In fact, let’s bust a couple of myths regarding the weak LLN right away.
MYTH #1: As the sample size grows, the sample mean tends to the population mean.
This is quite possibly the most frequent misinterpretation of the weak LLN. However, the weak LLN makes no such assertion. To see why that is, consider the following situation: you have managed to get your arms around a really large sample. While you gleefully admire your achievement, you should also pose yourself the following questions: Just because your sample is large, must it also be well-balanced? What’s preventing nature from sucker punching you with a giant sample that contains an equally giant amount of bias? The answer is absolutely nothing! In fact, isn’t that what happened to Guildenstern with his sequence of 92 Heads? It was, after all, a completely random sample! If it just so happens to have a large bias, then despite the large sample size, the bias will blast away the sample mean to a point that is far away from the true population value. Conversely, a small sample can prove to be exquisitely well-balanced. The point is, as the sample size increases, the sample mean isn’t guaranteed to dutifully advance toward the population mean. Nature does not provide such unnecessary guarantees.

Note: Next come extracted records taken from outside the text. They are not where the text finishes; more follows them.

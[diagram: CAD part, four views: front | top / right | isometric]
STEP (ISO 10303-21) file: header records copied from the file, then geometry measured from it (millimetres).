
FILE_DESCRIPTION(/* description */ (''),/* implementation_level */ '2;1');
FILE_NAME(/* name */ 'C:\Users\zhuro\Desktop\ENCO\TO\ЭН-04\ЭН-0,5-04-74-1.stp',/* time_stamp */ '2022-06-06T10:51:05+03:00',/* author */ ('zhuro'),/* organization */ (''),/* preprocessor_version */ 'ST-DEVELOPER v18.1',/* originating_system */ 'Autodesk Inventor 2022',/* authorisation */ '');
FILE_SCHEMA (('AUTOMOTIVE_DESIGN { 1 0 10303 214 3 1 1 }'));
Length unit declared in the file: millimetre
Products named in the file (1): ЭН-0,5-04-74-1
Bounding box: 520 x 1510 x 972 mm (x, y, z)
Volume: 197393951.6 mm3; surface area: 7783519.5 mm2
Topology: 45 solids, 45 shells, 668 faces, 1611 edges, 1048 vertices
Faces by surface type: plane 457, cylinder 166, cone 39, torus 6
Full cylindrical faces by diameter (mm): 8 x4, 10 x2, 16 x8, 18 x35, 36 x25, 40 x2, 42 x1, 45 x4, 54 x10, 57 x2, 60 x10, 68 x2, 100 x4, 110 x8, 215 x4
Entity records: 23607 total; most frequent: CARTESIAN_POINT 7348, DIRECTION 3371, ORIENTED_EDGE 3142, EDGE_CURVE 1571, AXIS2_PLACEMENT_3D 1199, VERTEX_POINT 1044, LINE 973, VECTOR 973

MYTH #2: As the sample size increases, pretty much everything about the sample — its median, its variance, its standard deviation — converges to the population values of the same.
This sentence is two myths bundled into one easy-to-carry package. Firstly, the weak LLN postulates a convergence in probability, not in value. Secondly, the weak LLN applies to the convergence in probability of only the sample mean, not any other statistic. The weak LLN does not address the convergence of other measures such as the median, variance, or standard deviation.
It’s one thing to state the weak LLN, and even demonstrate how it works using real-world data. But how can you be sure that it always works? Are there circumstances in which it will play spoilsport — situations in which the sample mean simply does not converge in probability to the population value? To know that, you must prove the weak LLN and, in doing so, precisely define the conditions in which it will apply.
It so happens that the weak LLN has a deliciously mouth-watering proof that uses as one of its ingredients, the endlessly tantalizing Chebyshev’s Inequality. If that whets your appetite, stay tuned for my next article on the proof of the weak Law of Large Numbers.
It will be impolite to take leave off this topic without assuaging our friend Guildenstern’s worries. Let’s develop an appreciation for just how unquestionably unlikely a result it was that he experienced. We’ll simulate the act of tossing 92 unbiased coins using a pseudo-random generator. Heads will be encoded as 1 and tails as 0. We’ll record the mean value of the 92 outcomes. The mean value is the fraction of times that the coin came up Heads. We’ll repeat this experiment ten thousand times to obtain ten thousand means of 92 coin tosses, and we’ll plot their frequency distribution. After completing this exercise, we will get the following kind of histogram plot:
We see that most of the sample means are grouped around the population mean of 0.5. Guildenstern’s result — getting 92 Heads in a row —is an exceptionally unlikely outcome. Therefore, the frequency of this outcome is also vanishingly small. But contrary to Guildenstern’s fears, there is nothing unnatural about the outcome and the laws of probability continue to operate with their usual gusto. Guildenstern’s outcome is simply lurking inside the remote regions of the left tail of the plot, waiting with infinite patience to pounce upon some luckless coin-flipper whose only mistake was to be unimaginably unlucky.